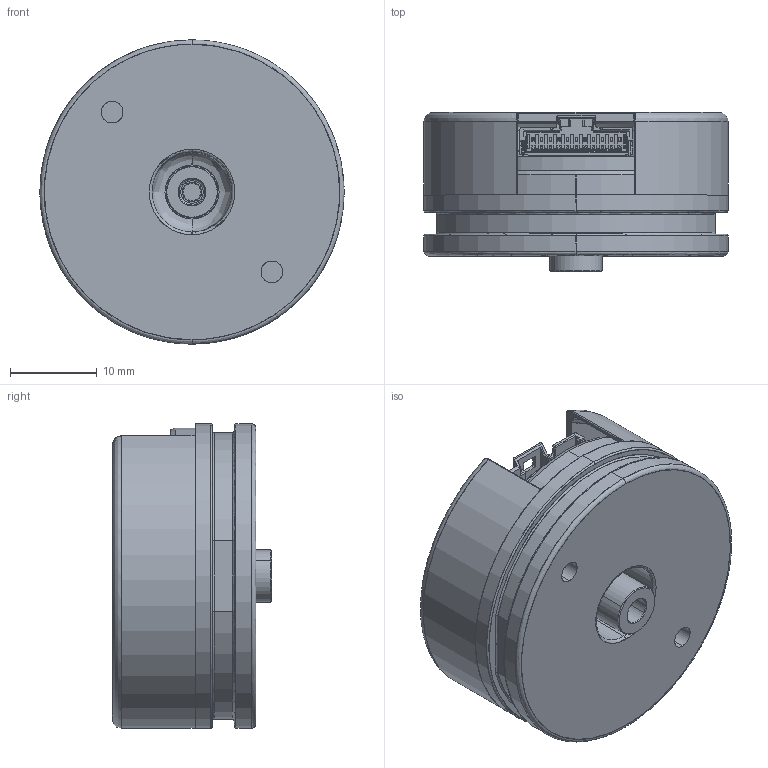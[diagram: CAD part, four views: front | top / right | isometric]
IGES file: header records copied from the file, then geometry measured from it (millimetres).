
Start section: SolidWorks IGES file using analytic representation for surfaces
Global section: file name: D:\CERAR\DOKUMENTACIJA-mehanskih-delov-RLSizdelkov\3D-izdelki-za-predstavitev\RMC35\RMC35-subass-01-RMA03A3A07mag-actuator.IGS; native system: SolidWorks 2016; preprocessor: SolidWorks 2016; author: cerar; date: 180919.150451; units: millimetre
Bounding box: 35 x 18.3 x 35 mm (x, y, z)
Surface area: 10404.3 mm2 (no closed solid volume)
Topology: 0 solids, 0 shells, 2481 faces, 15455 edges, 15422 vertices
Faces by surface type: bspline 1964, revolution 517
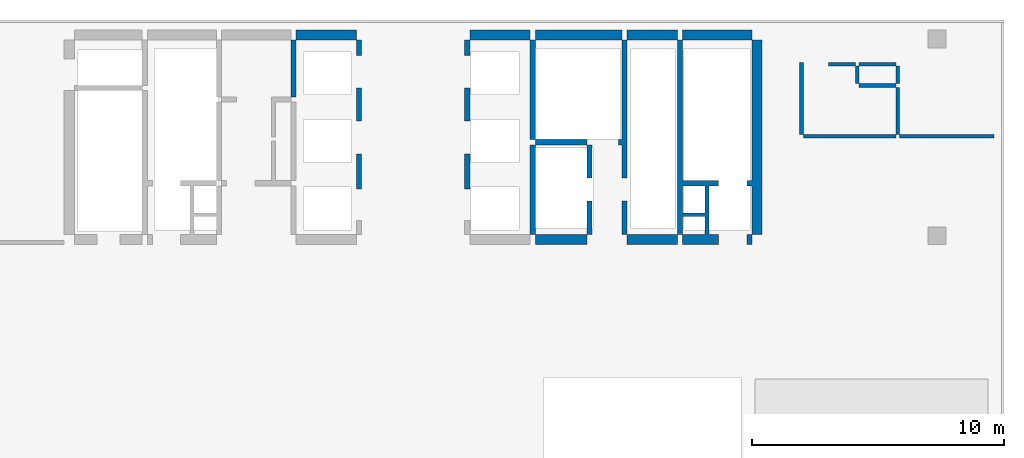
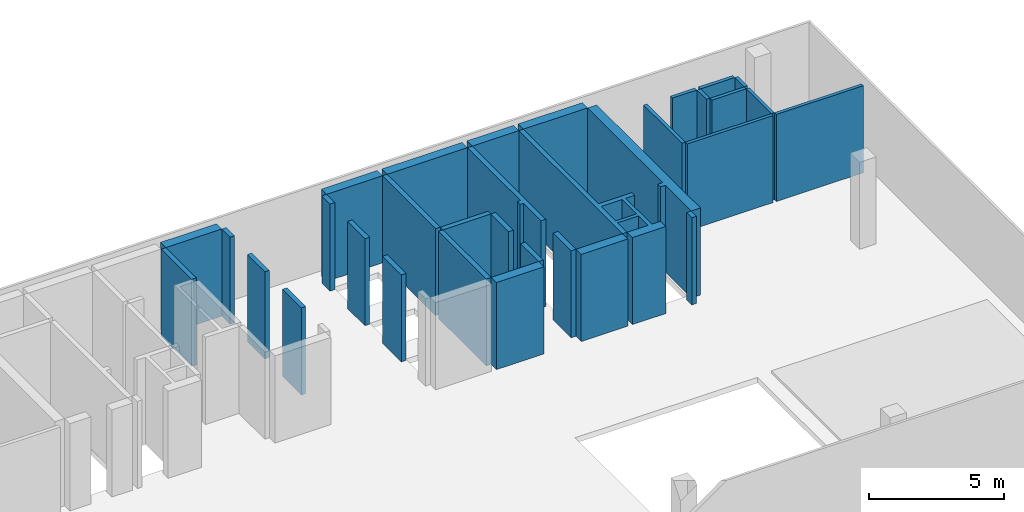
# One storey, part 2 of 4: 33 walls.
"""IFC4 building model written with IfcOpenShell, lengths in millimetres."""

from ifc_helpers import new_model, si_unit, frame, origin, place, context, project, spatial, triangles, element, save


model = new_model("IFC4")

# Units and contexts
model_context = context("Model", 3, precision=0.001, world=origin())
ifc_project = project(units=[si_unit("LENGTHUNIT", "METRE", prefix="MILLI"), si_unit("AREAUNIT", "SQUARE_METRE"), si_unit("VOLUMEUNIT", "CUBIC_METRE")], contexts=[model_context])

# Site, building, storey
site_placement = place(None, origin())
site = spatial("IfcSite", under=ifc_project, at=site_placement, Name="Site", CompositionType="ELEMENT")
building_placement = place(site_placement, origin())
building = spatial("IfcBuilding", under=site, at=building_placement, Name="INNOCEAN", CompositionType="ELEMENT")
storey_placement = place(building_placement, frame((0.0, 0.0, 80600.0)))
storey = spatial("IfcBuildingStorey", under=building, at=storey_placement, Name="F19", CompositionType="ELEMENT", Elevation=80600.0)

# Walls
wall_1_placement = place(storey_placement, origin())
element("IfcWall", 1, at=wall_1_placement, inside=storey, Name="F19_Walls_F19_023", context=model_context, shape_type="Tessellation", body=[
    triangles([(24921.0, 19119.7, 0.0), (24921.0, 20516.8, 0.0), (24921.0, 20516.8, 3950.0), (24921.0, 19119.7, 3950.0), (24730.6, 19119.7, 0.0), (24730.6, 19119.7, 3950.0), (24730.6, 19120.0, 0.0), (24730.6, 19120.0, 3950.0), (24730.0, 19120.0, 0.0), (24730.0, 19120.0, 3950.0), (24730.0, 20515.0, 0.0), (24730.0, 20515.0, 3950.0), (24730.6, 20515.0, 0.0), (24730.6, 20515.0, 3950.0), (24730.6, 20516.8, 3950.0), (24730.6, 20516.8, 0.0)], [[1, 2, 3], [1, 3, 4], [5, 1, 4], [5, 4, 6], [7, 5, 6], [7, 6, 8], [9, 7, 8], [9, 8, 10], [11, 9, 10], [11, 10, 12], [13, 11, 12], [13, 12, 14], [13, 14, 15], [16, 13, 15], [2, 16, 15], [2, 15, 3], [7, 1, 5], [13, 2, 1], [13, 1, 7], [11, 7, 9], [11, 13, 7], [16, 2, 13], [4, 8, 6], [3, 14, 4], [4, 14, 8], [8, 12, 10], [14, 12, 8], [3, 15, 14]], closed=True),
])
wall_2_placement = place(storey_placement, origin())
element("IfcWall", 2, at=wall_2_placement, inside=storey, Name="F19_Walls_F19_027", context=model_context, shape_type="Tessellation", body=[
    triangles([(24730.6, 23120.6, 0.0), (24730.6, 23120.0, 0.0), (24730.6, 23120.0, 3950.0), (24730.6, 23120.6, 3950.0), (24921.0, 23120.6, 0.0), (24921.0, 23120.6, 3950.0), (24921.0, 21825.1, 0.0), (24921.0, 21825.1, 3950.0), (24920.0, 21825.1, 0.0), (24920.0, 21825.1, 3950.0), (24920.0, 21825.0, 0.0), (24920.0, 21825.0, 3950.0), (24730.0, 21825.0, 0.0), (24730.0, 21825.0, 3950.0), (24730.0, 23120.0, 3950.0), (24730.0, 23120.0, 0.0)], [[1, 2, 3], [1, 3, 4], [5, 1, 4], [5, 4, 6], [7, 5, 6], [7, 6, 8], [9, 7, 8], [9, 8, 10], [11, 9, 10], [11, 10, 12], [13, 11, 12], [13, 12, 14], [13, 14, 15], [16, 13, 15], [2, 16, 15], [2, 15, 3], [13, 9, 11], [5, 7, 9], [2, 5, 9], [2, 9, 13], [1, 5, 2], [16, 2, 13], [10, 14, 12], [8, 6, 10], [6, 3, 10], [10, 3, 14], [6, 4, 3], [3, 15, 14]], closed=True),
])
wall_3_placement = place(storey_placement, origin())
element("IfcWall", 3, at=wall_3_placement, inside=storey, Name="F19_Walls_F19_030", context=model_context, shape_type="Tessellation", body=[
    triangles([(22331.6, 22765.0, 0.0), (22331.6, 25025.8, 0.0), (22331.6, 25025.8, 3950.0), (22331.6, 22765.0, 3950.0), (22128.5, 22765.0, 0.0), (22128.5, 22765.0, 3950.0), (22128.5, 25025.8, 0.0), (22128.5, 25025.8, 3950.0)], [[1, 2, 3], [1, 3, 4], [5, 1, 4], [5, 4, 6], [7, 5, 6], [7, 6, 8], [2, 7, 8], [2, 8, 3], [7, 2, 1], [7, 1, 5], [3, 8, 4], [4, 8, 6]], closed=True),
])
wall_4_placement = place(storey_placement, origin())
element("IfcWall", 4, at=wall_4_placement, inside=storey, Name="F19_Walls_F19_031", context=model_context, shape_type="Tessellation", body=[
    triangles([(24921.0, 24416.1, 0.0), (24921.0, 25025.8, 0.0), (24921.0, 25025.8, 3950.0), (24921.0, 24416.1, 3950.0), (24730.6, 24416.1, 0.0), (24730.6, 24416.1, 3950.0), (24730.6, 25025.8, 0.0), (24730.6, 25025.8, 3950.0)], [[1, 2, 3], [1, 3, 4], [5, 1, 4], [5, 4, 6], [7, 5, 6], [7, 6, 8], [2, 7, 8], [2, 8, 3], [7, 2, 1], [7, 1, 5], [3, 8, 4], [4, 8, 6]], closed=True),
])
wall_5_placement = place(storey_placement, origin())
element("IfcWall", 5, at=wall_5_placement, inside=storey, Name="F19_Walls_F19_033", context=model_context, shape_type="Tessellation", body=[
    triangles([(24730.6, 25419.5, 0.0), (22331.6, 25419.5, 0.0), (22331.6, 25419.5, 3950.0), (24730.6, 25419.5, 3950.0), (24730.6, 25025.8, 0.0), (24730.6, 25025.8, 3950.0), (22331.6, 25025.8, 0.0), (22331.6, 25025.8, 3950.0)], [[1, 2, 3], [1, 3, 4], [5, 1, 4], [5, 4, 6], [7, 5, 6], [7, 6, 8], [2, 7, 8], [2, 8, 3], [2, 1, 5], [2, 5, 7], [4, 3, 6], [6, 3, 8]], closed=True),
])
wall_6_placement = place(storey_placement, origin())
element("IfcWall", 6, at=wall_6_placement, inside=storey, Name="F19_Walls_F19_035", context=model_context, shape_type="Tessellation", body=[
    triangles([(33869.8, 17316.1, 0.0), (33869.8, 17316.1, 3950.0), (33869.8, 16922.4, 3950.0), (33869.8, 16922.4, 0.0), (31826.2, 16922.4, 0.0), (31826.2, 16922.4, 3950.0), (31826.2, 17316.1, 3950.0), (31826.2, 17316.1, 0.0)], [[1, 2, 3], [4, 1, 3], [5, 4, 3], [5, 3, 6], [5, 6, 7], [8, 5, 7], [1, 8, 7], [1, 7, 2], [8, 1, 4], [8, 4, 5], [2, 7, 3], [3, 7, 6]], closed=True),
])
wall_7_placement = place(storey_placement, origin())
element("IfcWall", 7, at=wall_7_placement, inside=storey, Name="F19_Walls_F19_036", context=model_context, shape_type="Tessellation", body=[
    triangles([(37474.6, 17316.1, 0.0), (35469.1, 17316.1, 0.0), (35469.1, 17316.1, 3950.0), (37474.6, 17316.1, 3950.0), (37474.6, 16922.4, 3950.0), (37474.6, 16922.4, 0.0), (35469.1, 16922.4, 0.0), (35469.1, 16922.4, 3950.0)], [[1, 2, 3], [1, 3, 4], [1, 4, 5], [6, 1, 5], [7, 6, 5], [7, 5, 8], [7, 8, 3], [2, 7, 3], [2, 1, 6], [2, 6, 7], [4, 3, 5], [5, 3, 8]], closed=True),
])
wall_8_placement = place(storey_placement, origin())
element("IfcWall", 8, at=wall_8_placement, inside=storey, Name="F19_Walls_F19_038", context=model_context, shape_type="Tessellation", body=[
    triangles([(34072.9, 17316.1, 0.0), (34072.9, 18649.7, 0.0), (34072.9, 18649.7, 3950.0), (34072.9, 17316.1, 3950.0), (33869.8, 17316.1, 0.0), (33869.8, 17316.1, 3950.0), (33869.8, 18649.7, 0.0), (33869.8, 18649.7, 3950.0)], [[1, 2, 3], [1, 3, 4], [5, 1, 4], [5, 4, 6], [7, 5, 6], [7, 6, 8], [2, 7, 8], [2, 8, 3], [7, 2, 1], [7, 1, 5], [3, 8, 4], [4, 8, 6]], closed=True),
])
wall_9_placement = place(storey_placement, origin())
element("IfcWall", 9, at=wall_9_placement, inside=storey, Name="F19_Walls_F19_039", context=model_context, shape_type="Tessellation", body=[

#### Problem requirements:
Above are some entries; copy exactly the lines from the line with "Global section: file" through the line with "frame((0.0, 0.0, 80600.0)))", both included, but none of the pictures.

#### Result for this exercise:
Global section: file name: D:\CERAR\DOKUMENTACIJA-mehanskih-delov-RLSizdelkov\3D-izdelki-za-predstavitev\RMC35\RMC35-subass-01-RMA03A3A07mag-actuator.IGS; native system: SolidWorks 2016; preprocessor: SolidWorks 2016; author: cerar; date: 180919.150451; units: millimetre
Bounding box: 35 x 18.3 x 35 mm (x, y, z)
Surface area: 10404.3 mm2 (no closed solid volume)
Topology: 0 solids, 0 shells, 2481 faces, 15455 edges, 15422 vertices
Faces by surface type: bspline 1964, revolution 517
# One storey, part 2 of 4: 33 walls.
"""IFC4 building model written with IfcOpenShell, lengths in millimetres."""

from ifc_helpers import new_model, si_unit, frame, origin, place, context, project, spatial, triangles, element, save


model = new_model("IFC4")

# Units and contexts
model_context = context("Model", 3, precision=0.001, world=origin())
ifc_project = project(units=[si_unit("LENGTHUNIT", "METRE", prefix="MILLI"), si_unit("AREAUNIT", "SQUARE_METRE"), si_unit("VOLUMEUNIT", "CUBIC_METRE")], contexts=[model_context])

# Site, building, storey
site_placement = place(None, origin())
site = spatial("IfcSite", under=ifc_project, at=site_placement, Name="Site", CompositionType="ELEMENT")
building_placement = place(site_placement, origin())
building = spatial("IfcBuilding", under=site, at=building_placement, Name="INNOCEAN", CompositionType="ELEMENT")
storey_placement = place(building_placement, frame((0.0, 0.0, 80600.0)))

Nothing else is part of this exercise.